As well as being a member of the Coronation Street scriptwriting team at Granada Television, he contributed to some of that company's other productions, including episodes of the medical soap The Practice (1985-86) and the rock'n'roll drama series Studio (1983). He also found time to act in Trevor Griffiths's television play The Party (1987), set at the time of the 1968 Paris riots.

Mason returned to acting with a vengeance in the 1990s, although it is symptomatic of the power of television that he was at one time most recognisable as the man shouting, "Mother, you're covered!" in a commercial for the insurance company Direct Line.

But he had a good role as Morris Tollit, the black-sheep brother of Len (Bernard Hill), in the BBC comedy-drama series Once Upon a Time in the North (1994). In the whimsical tales of a Yorkshire family, he was the half- witted, hippy-like truck driver driven by a spirit guide named Geronimo. He also played the dreary bank manager, Gordon Dodsworth, pursued by a beautiful, gold-digging young woman, in the Channel Four sitcom Slap! - Love, Lies and Lipstick (1998).

Mason then acted Sergeant Eddie Slater, investigating tragedies and violent goings-on, in both series of The Lakes (1997, 1999).
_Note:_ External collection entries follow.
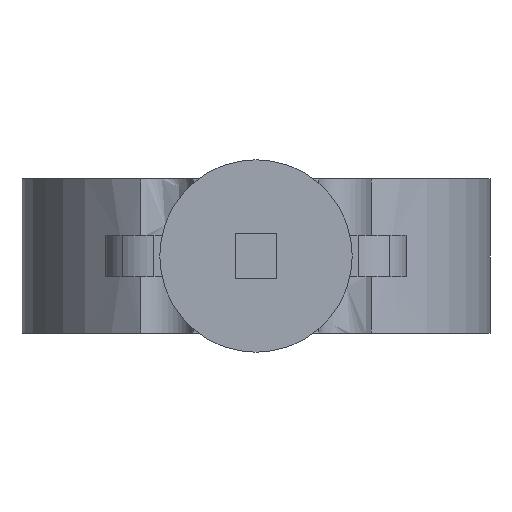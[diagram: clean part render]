
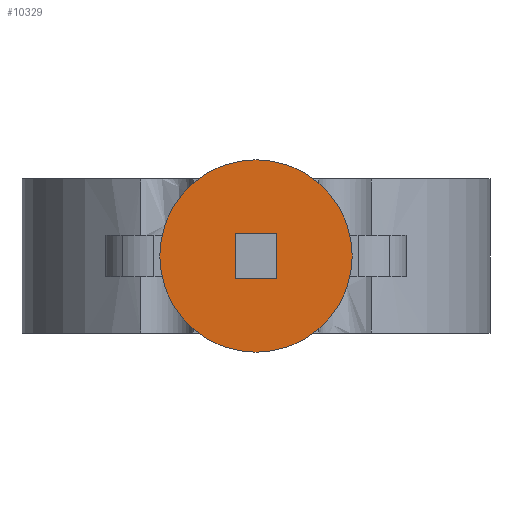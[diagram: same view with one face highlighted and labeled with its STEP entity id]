
A CAD part, front view. The second image highlights one B-rep face of the part: STEP entity #10329.
In plain terms, the highlighted planar face has unit normal (0, -1, 0).
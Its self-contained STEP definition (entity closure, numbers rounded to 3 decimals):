
#10241=CARTESIAN_POINT('',(32.5,-167.5,26.));
#10242=VERTEX_POINT('',#10241);
#10258=CARTESIAN_POINT('',(-32.5,-167.5,26.));
#10259=VERTEX_POINT('',#10258);
#10266=CARTESIAN_POINT('',(0.,-167.5,26.));
#10267=DIRECTION('',(0.0,1.0,0.0));
#10268=DIRECTION('',(-1.0,0.0,0.0));
#10269=AXIS2_PLACEMENT_3D('',#10266,#10267,#10268);
#10270=CIRCLE('',#10269,32.5);
#10271=EDGE_CURVE('',#10259,#10242,#10270,.T.);
#10298=CARTESIAN_POINT('',(0.,-167.5,-6.5));
#10299=VERTEX_POINT('',#10298);
#10300=CARTESIAN_POINT('',(0.,-167.5,26.));
#10301=DIRECTION('',(0.0,1.0,0.0));
#10302=DIRECTION('',(-1.0,0.0,0.0));
#10303=AXIS2_PLACEMENT_3D('',#10300,#10301,#10302);
#10304=CIRCLE('',#10303,32.5);
#10305=EDGE_CURVE('',#10242,#10299,#10304,.T.);
#10307=CARTESIAN_POINT('',(0.,-167.5,26.));
#10308=DIRECTION('',(0.0,1.0,0.0));
#10309=DIRECTION('',(-1.0,0.0,0.0));
#10310=AXIS2_PLACEMENT_3D('',#10307,#10308,#10309);
#10311=CIRCLE('',#10310,32.5);
#10312=EDGE_CURVE('',#10299,#10259,#10311,.T.);
#10319=CARTESIAN_POINT('',(3.11,-167.5,26.));
#10320=DIRECTION('',(0.0,-1.0,0.0));
#10321=DIRECTION('',(0.0,0.0,-1.0));
#10322=AXIS2_PLACEMENT_3D('',#10319,#10320,#10321);
#10323=PLANE('',#10322);
#10324=ORIENTED_EDGE('',*,*,#10312,.F.);
#10325=ORIENTED_EDGE('',*,*,#10305,.F.);
#10326=ORIENTED_EDGE('',*,*,#10271,.F.);
#10327=EDGE_LOOP('',(#10324,#10325,#10326));
#10328=FACE_OUTER_BOUND('',#10327,.T.);
#10329=ADVANCED_FACE('',(#10328),#10323,.T.);

He was also seen as policemen in Between the Lines (1993), Backup (1995), The Bill (1996), Beyond Fear (1997), A Life for a Life: the true story of Stefan Kiszko (1998) and the Jekyll and Hyde film thriller Mary Reilly (1996).

As well as taking many character parts in popular television series such as Agatha Christie's Poirot (1990), Peak Practice (1995, 1998), Where the Heart Is (1997) and The Royal (2003), he had regular roles in the comedy dramas Teachers (2001) and Fortysomething (2003), and appeared on and off in Casualty (2001-03) as Jeff McGuire, a know-it-all ambulance manager who irritated everyone before he finally died of a heart attack. Last year, Mason appeared on screen as an English teacher in the film Calendar Girls.